Sonny Rollins - Live in Europe










Best Tenor Saxophonist ever and this is his best recording. imho


----------



## Balthazar (Aug 30, 2014)

The Dolphy is one of my favorites too. These are some albums I go to regularly. I'm leaving out vocals.

*Money Jungle ~ Duke Ellington, Charlie Mingus, Max Roach*
Classic cool.

*Kelly Blue ~ Wynton Kelly Trio*
Miles Davis's sometimes pianist Wynton Kelly leads his own group here.

*Alone in San Francisco ~ Thelonious Monk*
Monk chills out.

*Moanin' ~ Art Blakey and the Jazz Messengers*
This one will get you moving.

*Waltz for Debby ~ Bill Evans Trio.*
When you want the smooth stuff.


----------



## Pazuzu (Mar 23, 2015)

The first 10 I could think of:

Coltrane - A love supreme
Davis - On the corner
Blakey - Moanin'
Monk - Brilliant corners
The Blue Notes - Ogun Collection (4 cds, their complete recordings.

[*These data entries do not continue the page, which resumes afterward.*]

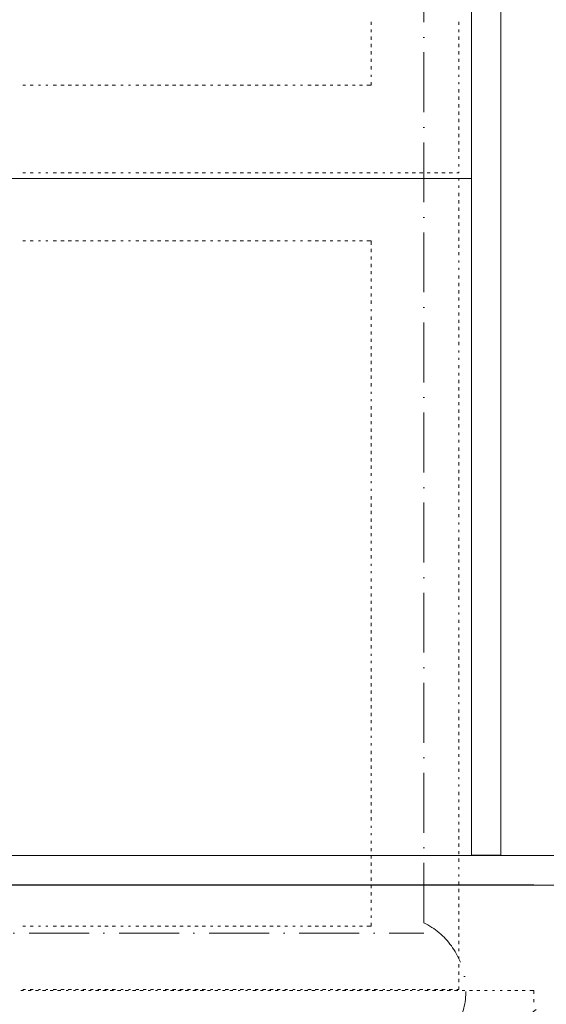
# Model space of a CAD drawing. Header units: centimetres. Extents: x -16053 to 7031, y -7778 to 254.
# Tile 164 of 256: x -4539 to -4328, y -5180 to -4785. Entities that reach past the tile are written whole.
import ezdxf

# ---------------------------------------------------------------- set-up
doc = ezdxf.new("R2010")
doc.units = ezdxf.units.CM
doc.header["$MEASUREMENT"] = 0
doc.linetypes.add('ACAD_ISO10W100', pattern=[18, 12, -3, 0, -3])
doc.linetypes.add('DASHED', pattern=[0.75, 0.5, -0.25])
doc.layers.get('0').update_dxf_attribs({"linetype": 'CONTINUOUS'})
doc.layers.add('ODGROMÓWKA', color=3, linetype='ACAD_ISO10W100', lineweight=13)
doc.layers.add('ŁĄCZENIA', color=5, linetype='DASHED', lineweight=40)
doc.layers.add('uziemienie', color=1, linetype='ACAD_ISO10W100')

# ---------------------------------------------------------------- blocks, each defined once
blk = doc.blocks.new('I$CE8CCB8F4')
at = {"layer": 'uziemienie'}
for points in [[(22.14, 0.07), (-22.14, -0.07)], [(19.68, -3.99), (-19.65, -4.11)], [(17.35, -8.04), (-17.3, -8.15)], [(15.03, -12.09), (-14.96, -12.19)], [(12.22, -16.99), (-12.12, -17.07)], [(9.8, -21.22), (-9.67, -21.27)], [(7.38, -25.44), (-7.22, -25.48)], [(4.96, -29.66), (-4.78, -29.69)], [(2.54, -33.88), (-2.33, -33.9)]]:
    blk.add_lwpolyline(points, dxfattribs=at)
blk = doc.blocks.new('I$C08180AA7')
at = {"layer": 'ODGROMÓWKA', "ltscale": 2}
h = blk.add_hatch(color=256, dxfattribs=at)
edge = h.paths.add_edge_path()
edge.add_arc((0.57, 0.59), 4.42, 0, 360)
h = blk.add_hatch(color=256, dxfattribs=at)
edge = h.paths.add_edge_path()
edge.add_arc((-2.77, -88.22), 4.42, 0, 360)
at = {"layer": 'uziemienie', "ltscale": 5}
h = blk.add_hatch(color=256, dxfattribs=at)
edge = h.paths.add_edge_path()
edge.add_ellipse((-3.33, -139.47), major_axis=(-11.53, 9.21), ratio=1, start_angle=225, end_angle=585)
h = blk.add_hatch(color=256, dxfattribs=at)
edge = h.paths.add_edge_path()
edge.add_arc((-2.54, -138.64), 6.18, 0, 360)
at = {"layer": 'ODGROMÓWKA', "ltscale": 2}
for points in [[(-23.25, -131.15), (16.58, -97.13)], [(-3.33, -139.47), (-3.33, -179.3)]]:
    blk.add_lwpolyline(points, dxfattribs=at)
blk.add_circle((-3.33, -114.14), 10.89, dxfattribs=at)
at = {"layer": 'ODGROMÓWKA', "ltscale": 5}
blk.add_arc((-23.15, -43.6), 49.36, 293.6654, 62.0368, dxfattribs=at)
at = {"layer": 'uziemienie', "ltscale": 5}
blk.add_lwpolyline([(-3.33, -88.81), (-3.33, -139.47)], dxfattribs=at)
at = {"layer": 'ODGROMÓWKA', "ltscale": 2}
blk.add_blockref('I$CE8CCB8F4', (-3.33, -179.3), dxfattribs=at)

msp = doc.modelspace()

# ---------------------------------------------------------------- hatches: boundary and pattern name
at = {"layer": 'ŁĄCZENIA', "ltscale": 5}
h = msp.add_hatch(color=256, dxfattribs=at)
edge = h.paths.add_edge_path()
edge.add_ellipse((-4377.168, -5146.933), major_axis=(4.843, -3.868), ratio=1, start_angle=225, end_angle=585)

# ---------------------------------------------------------------- linework, layer by layer
at = {"color": 8, "linetype": 'Continuous', "lineweight": 15, "true_color": 0x767676}
msp.add_lwpolyline([(-4358.034, -5119.808), (-4346.29, -5119.808), (-4346.29, -325.557), (-4346.29, -313.152), (-6136.402, -313.152), (-6148.641, -313.152), (-6148.641, -855.164), (-6148.641, -842.925), (-9222.248, -842.925), (-9222.248, -855.164)], dxfattribs=at)
at = {"color": 252, "linetype": 'Continuous', "lineweight": 9, "true_color": 0x989898}
for points in [[(-4363.161, -4848.554), (-4358.034, -4848.554), (-4358.034, -325.557)], [(-4358.034, -5119.808), (-4358.034, -4848.554), (-5311.558, -4848.554), (-5316.189, -4848.554), (-5316.189, -5131.717)], [(-4333.058, -5131.882), (-4313.211, -5131.882), (-4313.211, -6472.274), (-4360.845, -6472.274), (-6689.661, -6472.274), (-6689.661, -6402.476), (-6689.661, -5131.882), (-4935.441, -5131.882)], [(-4728.527, -5131.717), (-4333.058, -5131.717), (-4333.058, -5131.717)]]:
    msp.add_lwpolyline(points, dxfattribs=at)
at = {"color": 254, "linetype": 'Continuous', "lineweight": 5, "true_color": 0xfdc4fd}
for points in [[(-4398.226, -4787.026), (-4398.226, -4785.868), (-4398.226, -4785.868)], [(-4363.161, -4787.026), (-4363.161, -4785.868), (-4363.161, -4785.868)], [(-4398.226, -4790.003), (-4398.226, -4788.845), (-4398.226, -4788.845)], [(-4363.161, -4790.003), (-4363.161, -4788.845), (-4363.161, -4788.845)], [(-4398.226, -4792.98), (-4398.226, -4791.657), (-4398.226, -4791.657)], [(-4398.226, -4795.957), (-4398.226, -4794.634), (-4398.226, -4794.634)], [(-4363.161, -4792.98), (-4363.161, -4791.657), (-4363.161, -4791.657)], [(-4363.161, -4795.957), (-4363.161, -4794.634), (-4363.161, -4794.634)], [(-4398.226, -4798.934), (-4398.226, -4797.611), (-4398.226, -4797.611)], [(-4363.161, -4798.934), (-4363.161, -4797.611), (-4363.161, -4797.611)], [(-4398.226, -4801.911), (-4398.226, -4800.588), (-4398.226, -4800.588)], [(-4363.161, -4801.911), (-4363.161, -4800.588), (-4363.161, -4800.588)], [(-4398.226, -4804.889), (-4398.226, -4803.565), (-4398.226, -4803.565)], [(-4363.161, -4804.889), (-4363.161, -4803.565), (-4363.161, -4803.565)], [(-4400.045, -4811.174), (-4398.226, -4811.174), (-4398.226, -4810.016)], [(-4398.226, -4807.866), (-4398.226, -4807.039), (-4398.226, -4807.039)], [(-4363.161, -4807.866), (-4363.161, -4807.039), (-4363.161, -4807.039)], [(-4363.161, -4810.843), (-4363.161, -4810.016), (-4363.161, -4810.016)], [(-4537.988, -4811.174), (-4536.83, -4811.174), (-4536.83, -4811.174)], [(-4535.01, -4811.174), (-4533.853, -4811.174), (-4533.853, -4811.174)], [(-4531.702, -4811.174), (-4530.875, -4811.174), (-4530.875, -4811.174)], [(-4528.725, -4811.174), (-4527.898, -4811.174), (-4527.898, -4811.174)], [(-4525.748, -4811.174), (-4524.425, -4811.174), (-4524.425, -4811.174)], [(-4522.771, -4811.174), (-4521.448, -4811.174), (-4521.448, -4811.174)], [(-4519.794, -4811.174), (-4518.471, -4811.174), (-4518.471, -4811.174)], [(-4516.817, -4811.174), (-4515.659, -4811.174), (-4515.659, -4811.174)], [(-4513.839, -4811.174), (-4512.682, -4811.174), (-4512.682, -4811.174)], [(-4510.862, -4811.174), (-4509.704, -4811.174), (-4509.704, -4811.174)], [(-4507.885, -4811.174), (-4506.727, -4811.174), (-4506.727, -4811.174)], [(-4505.073, -4811.174), (-4503.75, -4811.174), (-4503.75, -4811.174)], [(-4502.096, -4811.174), (-4500.773, -4811.174), (-4500.773, -4811.174)], [(-4498.623, -4811.174), (-4497.796, -4811.174), (-4497.796, -4811.174)], [(-4495.645, -4811.174), (-4494.818, -4811.174), (-4494.818, -4811.174)], [(-4492.668, -4811.174), (-4491.51, -4811.174), (-4491.51, -4811.174)], [(-4489.691, -4811.174), (-4488.533, -4811.174), (-4488.533, -4811.174)], [(-4486.714, -4811.174), (-4485.556, -4811.174), (-4485.556, -4811.174)], [(-4483.902, -4811.174), (-4482.579, -4811.174), (-4482.579, -4811.174)], [(-4480.925, -4811.174), (-4479.602, -4811.174), (-4479.602, -4811.174)], [(-4477.948, -4811.174), (-4476.625, -4811.174), (-4476.625, -4811.174)], [(-4474.971, -4811.174), (-4473.647, -4811.174), (-4473.647, -4811.174)], [(-4471.993, -4811.174), (-4470.67, -4811.174), (-4470.67, -4811.174)], [(-4469.016, -4811.174), (-4467.693, -4811.174), (-4467.693, -4811.174)], [(-4466.039, -4811.174), (-4464.716, -4811.174), (-4464.716, -4811.174)], [(-4462.731, -4811.174), (-4461.739, -4811.174), (-4461.739, -4811.174)], [(-4459.754, -4811.174), (-4458.762, -4811.174), (-4458.762, -4811.174)], [(-4456.777, -4811.174), (-4455.454, -4811.174), (-4455.454, -4811.174)], [(-4453.8, -4811.174), (-4452.476, -4811.174), (-4452.476, -4811.174)], [(-4450.822, -4811.174), (-4449.499, -4811.174), (-4449.499, -4811.174)], [(-4447.845, -4811.174), (-4446.522, -4811.174), (-4446.522, -4811.174)], [(-4444.868, -4811.174), (-4443.545, -4811.174), (-4443.545, -4811.174)], [(-4441.891, -4811.174), (-4440.568, -4811.174), (-4440.568, -4811.174)], [(-4438.914, -4811.174), (-4437.59, -4811.174), (-4437.59, -4811.174)], [(-4435.936, -4811.174), (-4434.779, -4811.174), (-4434.779, -4811.174)], [(-4432.959, -4811.174), (-4431.802, -4811.174), (-4431.802, -4811.174)], [(-4429.651, -4811.174), (-4428.824, -4811.174), (-4428.824, -4811.174)], [(-4426.674, -4811.174), (-4425.847, -4811.174), (-4425.847, -4811.174)], [(-4423.697, -4811.174), (-4422.374, -4811.174), (-4422.374, -4811.174)], [(-4420.72, -4811.174), (-4419.397, -4811.174), (-4419.397, -4811.174)], [(-4417.743, -4811.174), (-4416.419, -4811.174), (-4416.419, -4811.174)], [(-4414.765, -4811.174), (-4413.608, -4811.174), (-4413.608, -4811.174)], [(-4411.788, -4811.174), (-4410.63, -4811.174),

Seminal jazz from South Africa)
Grant Green - Idle moments
Silver - Song for my father
Montgomery - Full house
Art ensemble of Chicago - Nice guys
Ware - Renunciation


----------



## Albert7 (Nov 16, 2014)

Another favorite jazz album I have always enjoyed is Bobby Hutcherson from the 1960's until now:


----------



## bharbeke (Mar 4, 2013)

I'll add a couple of my favorites to the topic:

Storm by Maynard Ferguson
Act Your Age by Gordon Goodwin's Big Phat Band


----------



## GreenMamba (Oct 14, 2012)

Excluding Kenny G, my top 5 are probably:

Miles Smiles
Kind of Blue
Saxophone Colossus
Ellington's Far East Suite
Mingus Ah Uhm


----------



## Simon Moon (Oct 10, 2013)

My tastes in jazz tend toward modern progressive forms, intense and fiery fusion and much of the ECM catalog.

Kind of all over the map.

Coltrane - A Love Supreme
Art Ensemble of Chicago - Nice Guys (or Full Force)
Eberhard Weber - The Colours of Chloe
Mahavishnu Orchestra - Birds of Fire or Apocalypse
Return to Forever - Romantic Warrior
Bruford - One of a Kind
Weather Report - Heavy Weather
Brand X - Unorthodox Behavior
Panzerballett - Hart Genossen - Von ABBA bis ZAPPA (jazz-funk-metal from Germany)
Terje Rypdal - Where Have I Known You Before
Arti e Mestieri - Tilt (Italian band straddles the line between jazz and prog)
Area - Arbeit Macht Frei (another Italian band, jazz, avant-garde and prog)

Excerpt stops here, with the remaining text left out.